*** Opening Exercise inputs ***

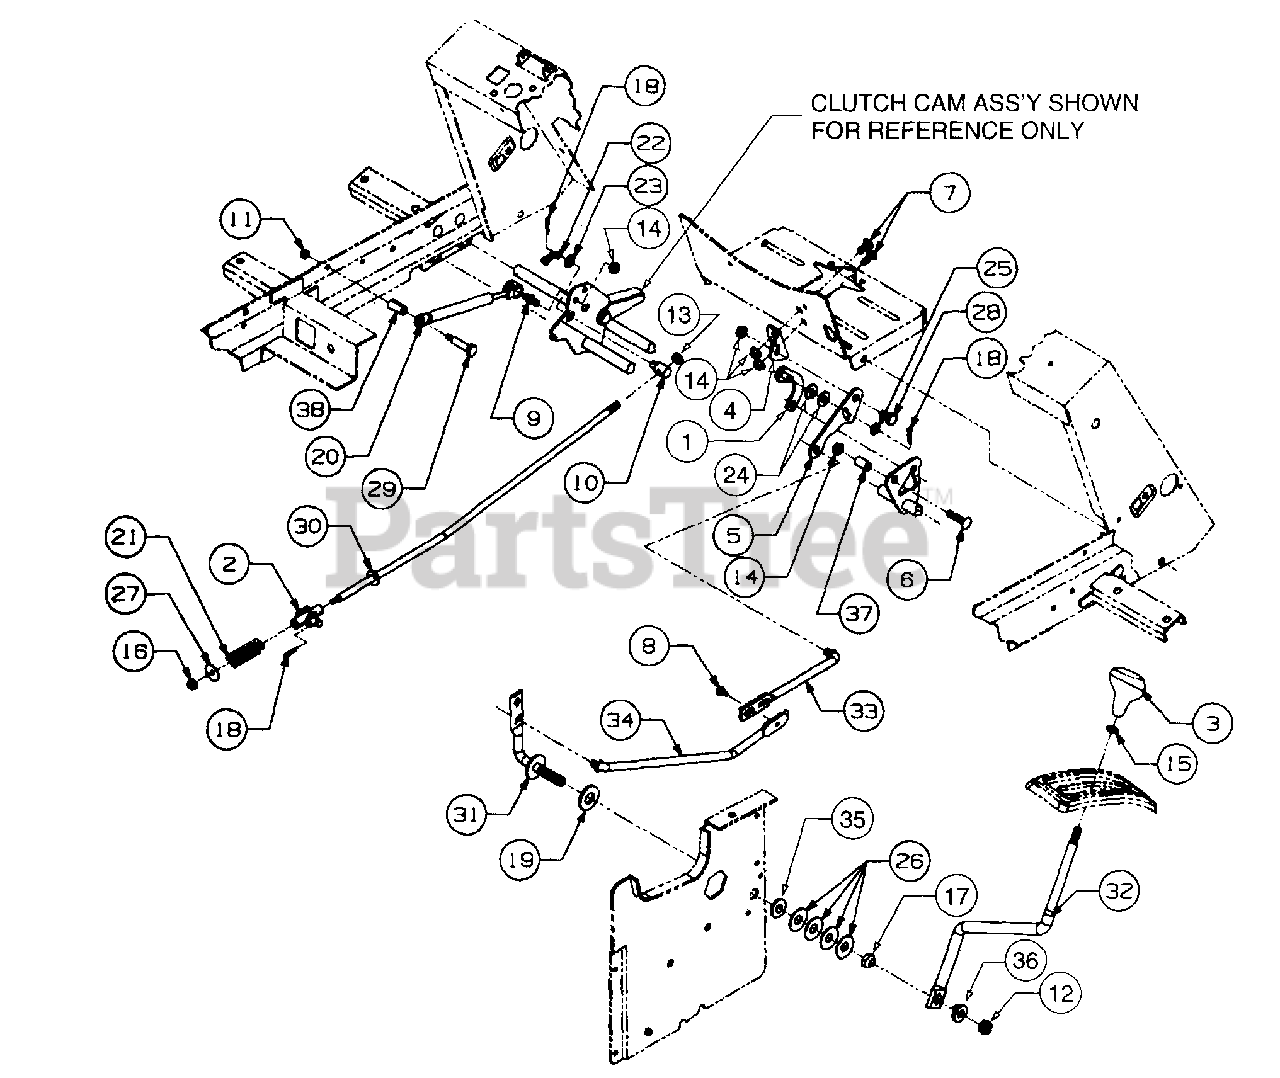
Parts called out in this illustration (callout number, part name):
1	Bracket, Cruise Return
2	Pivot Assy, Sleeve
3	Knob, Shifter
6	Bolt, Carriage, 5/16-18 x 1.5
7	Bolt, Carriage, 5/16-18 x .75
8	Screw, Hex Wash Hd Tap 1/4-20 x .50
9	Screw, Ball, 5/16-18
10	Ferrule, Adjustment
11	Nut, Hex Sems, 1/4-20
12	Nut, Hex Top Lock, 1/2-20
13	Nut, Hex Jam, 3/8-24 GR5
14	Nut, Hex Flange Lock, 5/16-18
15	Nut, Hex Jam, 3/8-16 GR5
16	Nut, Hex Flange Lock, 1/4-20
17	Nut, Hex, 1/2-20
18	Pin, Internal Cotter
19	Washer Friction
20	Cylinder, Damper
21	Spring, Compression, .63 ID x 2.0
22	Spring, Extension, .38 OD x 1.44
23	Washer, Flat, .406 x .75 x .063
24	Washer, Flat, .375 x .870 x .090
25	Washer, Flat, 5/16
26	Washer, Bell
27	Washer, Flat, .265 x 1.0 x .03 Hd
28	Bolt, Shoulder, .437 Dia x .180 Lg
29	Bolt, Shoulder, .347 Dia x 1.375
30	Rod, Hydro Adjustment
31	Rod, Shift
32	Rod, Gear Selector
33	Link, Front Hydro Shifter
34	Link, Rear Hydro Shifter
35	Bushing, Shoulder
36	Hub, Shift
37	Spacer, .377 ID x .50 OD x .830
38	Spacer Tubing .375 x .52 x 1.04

*** Closing Exercise inputs ***

About this exercise: Although the entries contain pictures, copy everything else in them exactly.

Task solution:
Parts called out in this illustration (callout number, part name):
1	Bracket, Cruise Return
2	Pivot Assy, Sleeve
3	Knob, Shifter
6	Bolt, Carriage, 5/16-18 x 1.5
7	Bolt, Carriage, 5/16-18 x .75
8	Screw, Hex Wash Hd Tap 1/4-20 x .50
9	Screw, Ball, 5/16-18
10	Ferrule, Adjustment
11	Nut, Hex Sems, 1/4-20
12	Nut, Hex Top Lock, 1/2-20
13	Nut, Hex Jam, 3/8-24 GR5
14	Nut, Hex Flange Lock, 5/16-18
15	Nut, Hex Jam, 3/8-16 GR5
16	Nut, Hex Flange Lock, 1/4-20
17	Nut, Hex, 1/2-20
18	Pin, Internal Cotter
19	Washer Friction
20	Cylinder, Damper
21	Spring, Compression, .63 ID x 2.0
22	Spring, Extension, .38 OD x 1.44
23	Washer, Flat, .406 x .75 x .063
24	Washer, Flat, .375 x .870 x .090
25	Washer, Flat, 5/16
26	Washer, Bell
27	Washer, Flat, .265 x 1.0 x .03 Hd
28	Bolt, Shoulder, .437 Dia x .180 Lg
29	Bolt, Shoulder, .347 Dia x 1.375
30	Rod, Hydro Adjustment
31	Rod, Shift
32	Rod, Gear Selector
33	Link, Front Hydro Shifter
34	Link, Rear Hydro Shifter
35	Bushing, Shoulder
36	Hub, Shift
37	Spacer, .377 ID x .50 OD x .830
38	Spacer Tubing .375 x .52 x 1.04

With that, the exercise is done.